Directions for this task:
The expected answer is the set of lines in the data below between the line holding "50.98 28.78 180 bottom" and the line holding "23.72 180 top", inclusive, written out exactly.

Data excerpts:
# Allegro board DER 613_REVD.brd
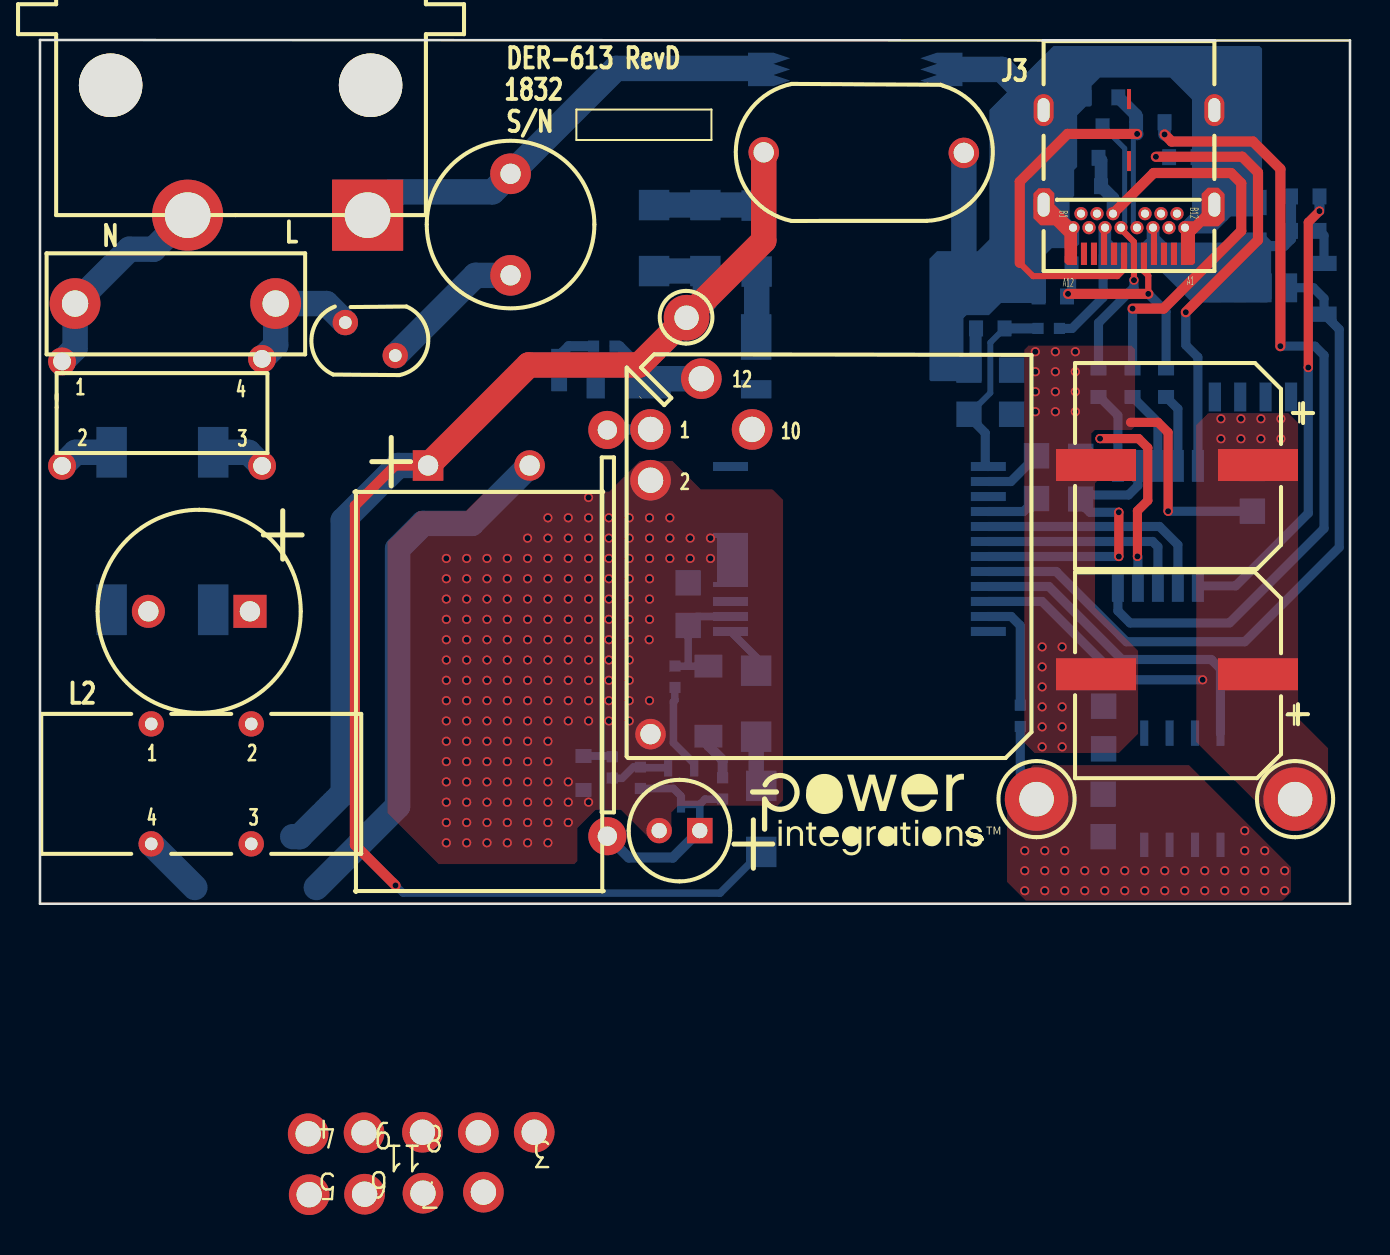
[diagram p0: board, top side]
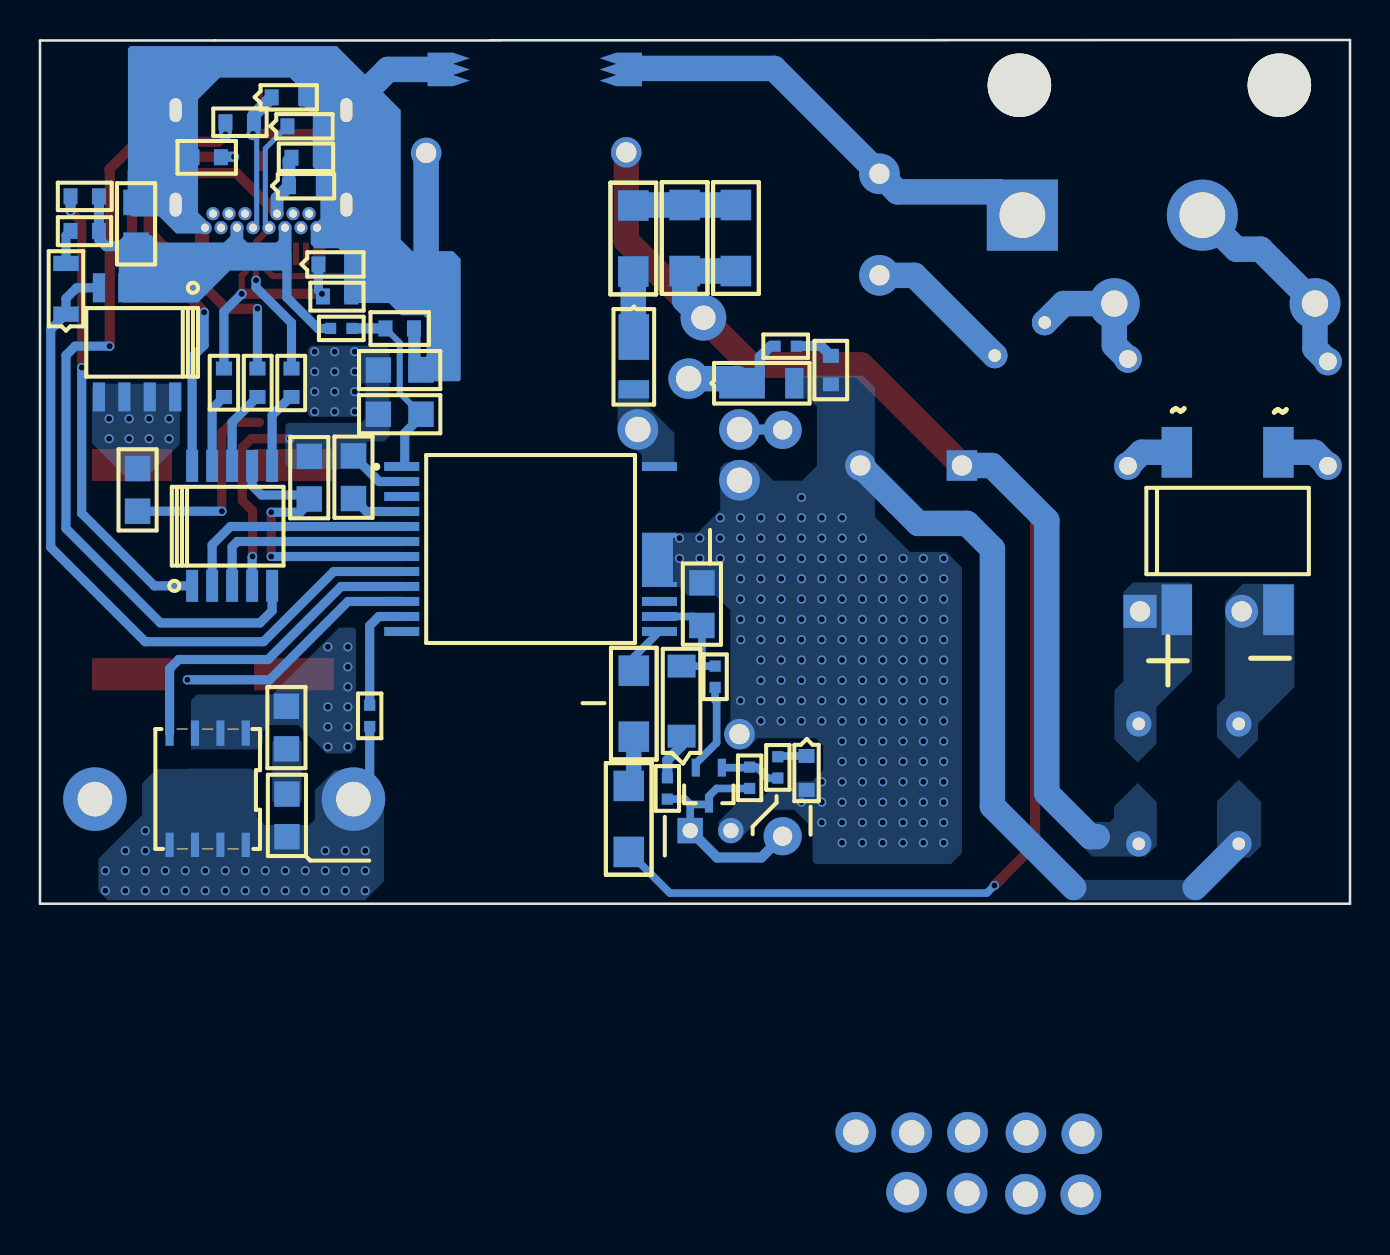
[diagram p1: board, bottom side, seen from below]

Outline 65.51 x 43.21 mm; copper layers: TOP, BOTTOM. Coordinates in mm from the lower left corner of the outline.
Outline path: 0,43.21 56.77,43.18 65.51,43.18 65.51,0 0,0 0,43.21

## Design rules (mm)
constraint set DEFAULT: min track width 0.254

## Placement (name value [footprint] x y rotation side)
BR1  DF206ST-G  [PISMDDFS]  8.66 14.76 0 bottom
C1  100 nF  [PI_NP_XCAP_RAD512X197X395D040]  1.75 30.02 0 top
C2  15 uF  [PIPOLCAPCYLD400LS200040]  10.5 14.63 180 top
C3  33 uF  [PIPOLCAPCLYD500LS200040800LH]  19.41 21.92 0 top
C4  2.2 nF  [PISMC1206]  33.27 34.95 270 bottom
C5  56 pF  [PISMC0603]  25.96 27.41 270 bottom
C6  22  uF  [PIPOLCAPCLYD200LS80030]  32.99 3.66 180 top
C7  470 nF  [PISMC0805]  32.41 13.92 90 bottom
C8  330 pF  [PINPCAPRAD394X275394030]  36.19 37.59 359.8 top
C9  1 nF  [PISMC0805]  53.19 7.75 90 bottom
C10  470 uF  [PISMCPAN1VA]  60.91 11.48 180 top
C11  470 uF  [PISMCPAN1VA]  60.91 21.95 180 top
C12  2.2 uF  [PISMC0805]  49.83 22.4 270 bottom
C13  1 uF  [PISMC0805]  60.63 21.77 270 bottom
C14  2.2 uF  [PISMC0805]  52.04 22.38 270 bottom
C15  560 pF  [PISMC0603]  51.36 30.38 180 bottom
C16  560 pF  [PISMC0603]  52.93 37.31 180 bottom
C17  1 uF  [PISMC0805]  60.71 32.94 90 bottom
C18  4.7 uF  [PISMC0805]  46.46 24.49 0 bottom
D1  DFLR1600-7  [PISMDDFLR120012]  35.81 28.37 90 bottom
D2  DFLR1200-7  [PISMDDFLR120012]  30.43 26.04 0 bottom
D3  BAV21WS-7-F  [PISMSOD323]  64.21 29.49 90 bottom
D4  DZ2J240M0L  [PI_SM_D_SSMINI2P]  51.59 31.98 180 bottom
D5  DZ2J240M0L  [PI_SM_D_SSMINI2P]  53.06 35.89 180 bottom
D6  DZ2J240M0L  [PI_SM_D_SSMINI2P]  53.14 38.89 180 bottom
D7  DZ2J240M0L  [PI_SM_D_SSMINI2P]  53.92 40.34 180 bottom
F1  3.15 A  [PI_TR5_SUBMIN_FUSE]  23.53 31.43 90 top
FL1  Hole_50mils  [PI_HOLE_50MIL]  32.33 29.31 0 top
FL2  Hole_70mils  [PI_HOLE_70MIL]  62.76 5.21 0 top
FL3  Hole_70mils  [PI_HOLE_70MIL]  49.83 5.21 0 top
J1  CON2  [PI_PWR_CONN_2P_RTANG]  10.03 34.44 90 top
J3  CON24_USB_C  [PI_CONN_USBC_WURTH]  54.46 34.52 180 top
JP1  J  [PI_JUMPER800]  28.37 3.38 90 top
L1  108 uH  [PI_TOROID_CM_CHOKE_4P]  -0.06 31.69 270 top
L2  16.6 mH  [PI_TOROID_CMC15X7_4P_V]  5.56 9.5 0 top
NOREF  -  []  0 0 0 top
NOREF#2  -  []  -150.53 59.24 0 top
NOREF#3  -  []  65.51 0 90 top
NOREF#4  -  []  35.59 6.3 0 top
Q1  MMST3904  [PISMSOT323132]  31.39 6.81 0 bottom
Q2  TSM160N10LCR  [PISMPQFN5X6B]  55.22 8.53 0 bottom
Q3  AO4354  [PISMSO8]  58.75 30.81 0 bottom
R1  205 k  [PISMR1206]  30.71 34.95 270 bottom
R2  14.7  [PISMR1206]  35.84 31.62 90 bottom
R3  130.0 k  [PISMR0402]  30.02 5.77 90 bottom
R4  3.24 k  [PISMR0402]  31.75 10.82 90 bottom
R5  22  [PISMR0402]  34.14 5.23 90 bottom
R6  2.00 M  [PISMR1206]  36.07 5.89 270 bottom
R7  1.80 M  [PISMR1206]  35.81 11.66 270 bottom
R8  100  [PISMR0402]  28.75 27.89 180 bottom
R9  5.6  [PISMR0805]  53.16 5.49 270 bottom
R10  47  [PISMR0402]  49.02 8.86 90 bottom
R11  0.009  [PISMR0805]  48.59 26.7 180 bottom
R12  100  [PISMR0603]  63.98 33.66 180 bottom
R13  10 k  [PISMR0603]  63.98 35.38 180 bottom
R14  22  [PISMR0603]  56.31 26.77 270 bottom
R15  22  [PISMR0603]  54.64 26.77 270 bottom
R16  22  [PISMR0603]  52.93 25.35 90 bottom
R17  22  [PISMR0603]  56.24 39.09 180 bottom
R18  160.0 k  [PISMR0402]  50.98 28.78 180 bottom
R19  10  [PISMR0603]  48.23 28.78 180 bottom
R20  7.15 k  [PISMR0402]  28.61 6.29 90 bottom
RT1  5  [PI_RAD_276DX197T_LS100D025]  17.77 28.25 180 top
RT2  100 k  [PISMR0603]  57.89 37.34 180 bottom
T1  RM8  [PI_BOBBIN_RM8_12P_CLP]  30.53 23.72 180 top
U1  INN3366C  [PI_IC_INSOP_24D]  47.42 21.87 180 bottom
U2  WT6635P  [PISMSOP10]  57.9 15.9 180 bottom
VR1  DZ2S08200L  [PI_SM_D_SSMINI2P]  27.18 7.39 270 bottom
VR2  MMSZ5260BT1G  [PI_SM_SOD-123_12]  33.43 8.38 90 bottom

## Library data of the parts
BR1 = DIODE BRIDGE_+-~~
C1 = CAP NP: alternate symbols: (pi_np_xcap_rad512x197x395d040_h)
C2 = CAP POL: alternate symbols: (pipolcapclyd400x630ls200030h)
C3 = CAP POL: alternate symbols: (pipolcapclyd500ls200040800lh)
C4 C5 C7 C8 C12-C18 = CAP NP
C6 = CAP POL: alternate symbols: (pipolcapclyd200ls80030h)
C9 = CAP NP: alternate symbols: (pismc0805_1)
C10 C11 = CAP POL
D1-D3 = DIODE
D4-D7 VR1 VR2 = DIODE_ZENER
F1 = FUSE
FL1-FL3 = FlyingLead
J1 = CON2
J3 = CON24_USB
JP1 = JUMPER_1
L1 = INDUCTOR_4P_1-2_4-3
L2 = TORRID 4P_14_23
Q1 = NPN_BEC
Q2 Q3 = FET_N_SGD_123_4_5678
R1-R20 = R
RT1 = THERMISTOR: alternate symbols: (pi_rad_276DX197Tls100d025H)
RT2 = THERMISTOR
T1 = BRM8_12P_CLP_0: alternate symbols: (pi_bobbin_rm8_12p_clp)
U1 = DEV_InnoPro
U2 = WT6635P-10

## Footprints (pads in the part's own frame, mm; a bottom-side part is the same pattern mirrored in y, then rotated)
PI_BOBBIN_RM8_12P_CLP
  round 2.032 hole 1.27: 1(0,0) 2(0,2.54) 3(8.611,35.179) 4(17.12,35.23) 5(17.069,38.278) 6(14.3,38.252) 7(11.379,38.202) 8(11.405,35.154) 9(14.326,35.179) 10(-5.08,0) 11(5.817,35.154) 12(-2.54,-2.54) CLP1(8.357,38.151)
  round 1.524 hole 1.016: CLP2(0,15.24)
PI_CONN_USBC_WURTH
  oval 1.001x1.6 hole 0.599x1.199: (-4.27,-0.45) (-4.27,-5.179) (4.27,-0.45) (4.27,-5.179)
  round 0.66 hole 0.406: (-1.999,0.701) (1.999,0.701) B1(2.799,0.701) B2(2.4,0) B3(1.6,0) B4(1.199,0.701) B5(0.8,0) B6(0.399,0.701) B7(-0.399,0.701) B8(-0.8,0) B9(-1.199,0.701) B10(-1.6,0) B11(-2.4,0) B12(-2.799,0.701)
  rect 0.305x1.118 smd: A1(-2.751,2.009) A2(-2.25,2.009) A3(-1.75,2.009) A4(-1.25,2.009) A5(-0.749,2.009) A6(-0.249,2.009) A7(0.249,2.009) A8(0.749,2.009) A9(1.25,2.009) A10(1.75,2.009) A11(2.25,2.009) A12(2.751,2.009)
PI_HOLE_50MIL
  round 2.286 hole 1.219: 1(0,0)
PI_HOLE_70MIL
  round 3.175 hole 1.727: 1(0,0.025)
PI_IC_INSOP_24D
  rect 1.75x0.45 smd: 1(0,0) 2(0,-0.749) 3(0,-1.501) 4(0,-2.25) 5(0,-3) 6(0,-3.749) 7(0,-4.501) 8(0,-5.25) 9(0,-6) 10(0,-6.749) 11(0,-7.501) 12(0,-8.25) 13(12.89,-8.25) 14(12.89,-7.501) 15(12.89,-6.749) 24(12.89,0)
  custom 0.437x0.437 smd: 16(12.89,-4.671)
PI_JUMPER800
  round 1.905 hole 0.965: 1(0,0) 2(20.32,0)
PI_NP_XCAP_RAD512X197X395D040
  round 2.54 hole 1.321: 1(0,0) 2(10.033,0)
PI_PWR_CONN_2P_RTANG
  round 3.175 hole 3.175 unplated: (6.5,6.5) (6.5,-6.5)
  rect 3.556x3.556 hole 2.286: 1(0,-6.35)
  round 3.556 hole 2.286: 2(0,2.649)
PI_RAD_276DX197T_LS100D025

Result of the exercise:
R18  160.0 k  [PISMR0402]  50.98 28.78 180 bottom
R19  10  [PISMR0603]  48.23 28.78 180 bottom
R20  7.15 k  [PISMR0402]  28.61 6.29 90 bottom
RT1  5  [PI_RAD_276DX197T_LS100D025]  17.77 28.25 180 top
RT2  100 k  [PISMR0603]  57.89 37.34 180 bottom
T1  RM8  [PI_BOBBIN_RM8_12P_CLP]  30.53 23.72 180 top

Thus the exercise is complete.